Per-conversation shell sessions

Each chat conversation gets its own long-running bash process. The agent's shell tool routes through the conversation's shell, so working directory, exported environment variables, and any in-shell state carry from one tool call to the next within that chat — the way they do in any normal terminal. State does not leak across chats: cd /tmp in conversation A leaves conversation B sitting wherever it was. The in-app Terminal tab also has its own dedicated scratch shell, separate from any chat.

/root and the rest of the rootfs are still shared on disk across all sessions, so files an agent writes in one chat are visible to every other chat and to the Terminal tab. Only live shell state (cwd, exports, background & jobs, ssh-agent connections) is per-session.

So cd /tmp followed by pwd in the same chat returns /tmp. The assistant does not need to chain cd dir && command unless it specifically wants the directory change to be one-shot.

A shell is created lazily on first use and lives for the duration of the app process.
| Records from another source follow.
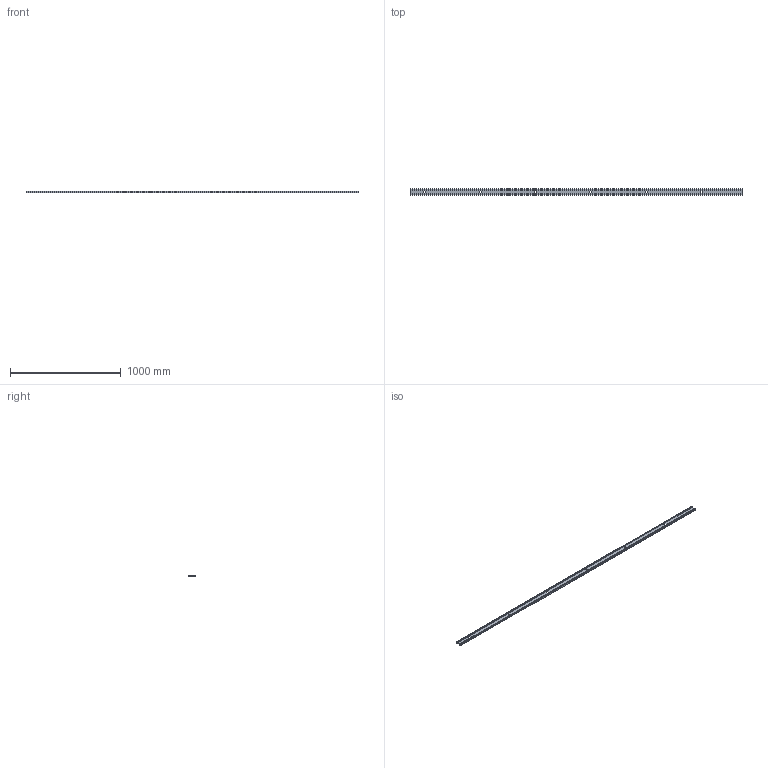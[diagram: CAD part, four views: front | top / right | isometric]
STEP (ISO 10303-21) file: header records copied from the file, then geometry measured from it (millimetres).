
FILE_DESCRIPTION(('STEP AP242'),'1');
FILE_NAME('OPO_65.081.74_volu_schn_3d.stp','2026-01-30T20:51:48',(' '),(' '),'Spatial InterOp 3D',' ',' ');
FILE_SCHEMA(('AP242_MANAGED_MODEL_BASED_3D_ENGINEERING_MIM_LF {1 0 10303 442 1 1 4}'));
Length unit declared in the file: millimetre
Products named in the file (1): 1
Bounding box: 3000 x 55 x 15 mm (x, y, z)
Volume: 738168 mm3; surface area: 645904 mm2
Topology: 1 solids, 1 shells, 96 faces, 457 edges, 556 vertices
Faces by surface type: plane 76, cylinder 20
Entity records: 6159 total; most frequent: CARTESIAN_POINT 733, DIRECTION 713, ORIENTED_EDGE 536, LINE 397, VECTOR 397, STYLED_ITEM 285, PRESENTATION_STYLE_ASSIGNMENT 285, COLOUR_RGB 285

When a conversation is deleted, its shell is closed. Sandbox reset closes every live shell.

The bash process itself dies with the app — cwd and exported env do not survive. The visible transcript of the current chat's session is persisted (capped at roughly 10,000 characters of trimmed output — about a screen and a half of scrollback), so re-opening an old chat after a restart still shows the tail of what was on screen, even though running another command starts a fresh shell.

Terminal tab session picker

The in-app Terminal tab shows two chips at the top whenever a chat is open: Session for the current chat's shell, and Temporary for the user's scratch shell. Session sits first and is auto-selected when opening the terminal from a chat, so the user immediately sees what the agent is operating on; the visible terminal also scrolls to the most recent output (including any transcript restored from disk). Temporary drops to the standalone scratch shell that isn't tied to any chat — its transcript is in-memory only and clears when the app process dies. With no chat active, only the Temporary chip is shown (and the chip row collapses entirely when there's nothing to switch between).

The agent's shell tool, apk operations from the Packages tab, and the Terminal scratch session each route to a distinct shell. A long-running apk install in the Packages UI no longer blocks the chat tool from running.

Pre-installed tooling

The first-run install pulls a fixed set of packages: bash, curl, wget, git, jq, python3 (with pip), nodejs, plus remote-server tooling — openssh-client (provides ssh/scp/sftp), lftp (FTP and FTPS), and rsync. Anything else is one apk add away.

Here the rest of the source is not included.